The Federalists Introduction

In A Nutshell

With the ratification of the Constitution, the United States celebrated a new political beginning. Yet while most Americans were optimistic, great challenges still lay ahead: national and state debts, a stagnant economy, and foreign threats lurking in Florida, Canada, and the Mississippi Valley. There were internal political divisions, as well. Over the next twelve years, two presidents, George Washington and John Adams, would play the principal role in steering the young nation through these challenges. These Federalist presidents would accomplish a great deal, both domestically and internationally, but by 1800, their party and their policies would be rejected by the American public.

Why Should I Care?

Americans still celebrate George Washington as the father of the country, but the nation that began to take shape during his presidency was not the one he had in mind. The raucous political debate, combative political parties, and broad definition of freedom of speech that emerged during the 1790s are now the very things we associate with healthy democracies. But in Washington's mind, they represented a perversion of republican government and a threat to good order.

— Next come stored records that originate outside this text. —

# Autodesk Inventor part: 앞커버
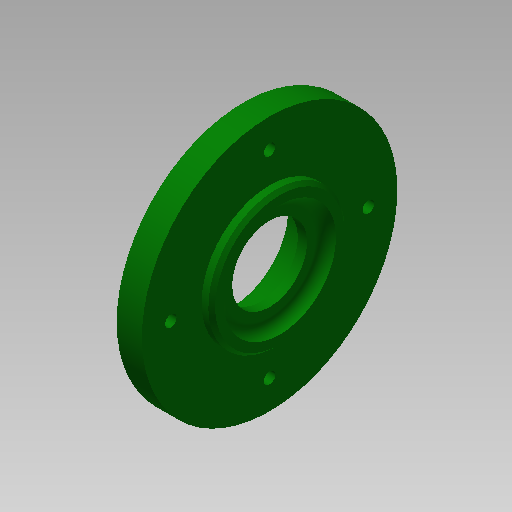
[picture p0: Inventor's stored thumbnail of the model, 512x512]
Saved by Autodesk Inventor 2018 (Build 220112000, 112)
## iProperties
Created: 2015-09
Part Number: 앞커버
Material: 알루미늄 6061
Document SubType Name: Modeling
Designer: mduedu
Density: 2.71 g/cm^3
Mass: 58.9874 g
Surface Area: 98.7754 cm^2
Volume: 21.7666 cm^3
Appearance: 진녹색
Author: mduedu
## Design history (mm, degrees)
sketch "스케치1"
  geometry: L1 (-8.5, 67)-(-11.5, 67); L2 (-11.5, 67)-(-11.5, 84.5); L3 (-11.5, 84.5)-(-19.5, 84.5); L4 (-19.5, 84.5)-(-19.5, 70.5); L5 (-22.5, 70.5)-(-22.5, 58); L6 (-22.5, 58)-(-8.5, 58); L7 (-8.5, 58)-(-8.5, 67); L8 (-79.5, 39.5)-(-79.5, 54.5) reference; L9 (48.5, 54.5)-(48.5, 39.5) reference; L10 (-79.5, 47)-(48.5, 47); L11 (-19.5, 70.5)-(-22.5, 70.5); 3 further points
  constraints: 18 end point, 6 parallel, 4 midpoint, 1 horizontal, 1 perpendicular, 1 vertical alignment
  dimensions: "d0" = 14 distance between parallel lines of L7 L5; "d2" = 22 diameter of L6 L10; "d3" = 40 diameter of L1 L10; "d5" = 3 distance of L1.start L1.end; "d6" = 75 diameter of L3 L10; "d7" = 8 distance of L2.end L3.end; "d8" = 47 diameter of L4.end L10
revolve "회전1" sketch "스케치1" stored, may be unused: angle "d4" = 90 deg
sketch "스케치2"
  geometry: C1 r 37.5 at (0, 0) reference; 2 further points
  constraints: 1 coincident
hole "구멍1" sketch "스케치2" at (0, 0) diameter "d11" = 33; stored, may be unused: countersink angle "d15" = 90 deg, drill point angle "d17" = 0 deg; dims "d12" = 6, "d13" = 4, "d14" = 2, "d16" = 3
fillet "모깎기1" dims "d18" = 3
fillet "모깎기2" dims "d19" = 1
sketch "스케치3"
  geometry: C1 r 37.5 at (0, 0) reference; 2 further points
  constraints: 1 coincident
hole "구멍2" sketch "스케치3" at (0, 0) diameter "d20" = 32; stored, may be unused: countersink angle "d24" = 90 deg, drill point angle "d26" = 0 deg; dims "d21" = 6, "d22" = 4, "d23" = 2, "d25" = 8.3
fillet "모깎기3" dims "d27" = 0.4
chamfer "모따기1" distance "d28" = 0.8; stored, may be unused: second distance "d29" = 2, angle "d30" = 30 deg
sketch "스케치7" dims "d56" = 58
  geometry: C1 r 37.5 at (0, 0) reference; 5 further points
  constraints: 2 vertical alignment, 1 coincident, 7 other
  dimensions: "d59" = 360 deg dimension on C1.centre point (0, 29) (derived)
hole "구멍4" sketch "스케치7" at (0, 29), (-29, 0), (0, -29), (29, 0) diameter "d48" = 3.4; stored, may be unused: countersink angle "d52" = 90 deg, drill point angle "d54" = 0 deg; dims "d49" = 6, "d50" = 6.5, "d51" = 3.4, "d53" = 8
chamfer "모따기2" distance "d61" = 1; stored, may be unused: second distance "d62" = 2, angle "d63" = 45 deg
node "솔리드1"
node "참조1"
node "참조2"

George Washington was not the only founding father anxious to avoid these sorts of politically divisive behaviors. Most Americans believed that the survival of the republic depended on the public's willingness to set aside local and individual interests for the sake of the general welfare. And in fact, Americans turned to Washington in the dark days of the 1780s because he seemed to be the only person able to bring the whole country together behind a common vision. But in this Washington would ultimately fail, and the political landscape he passed on to his successor, John Adams, would be even more bitterly divided than the one he inherited.

There is no denying Washington's importance to American history. His support for the new government was essential to its success, and his economic and foreign policies laid an important foundation for the new nation. But his political philosophy and style simply did not suit the more energetic and democratic political arena that was emerging. While his designation as father of the nation is in many ways deserved, the political order that emerged during the 1790s might at best be considered his unwanted stepchild.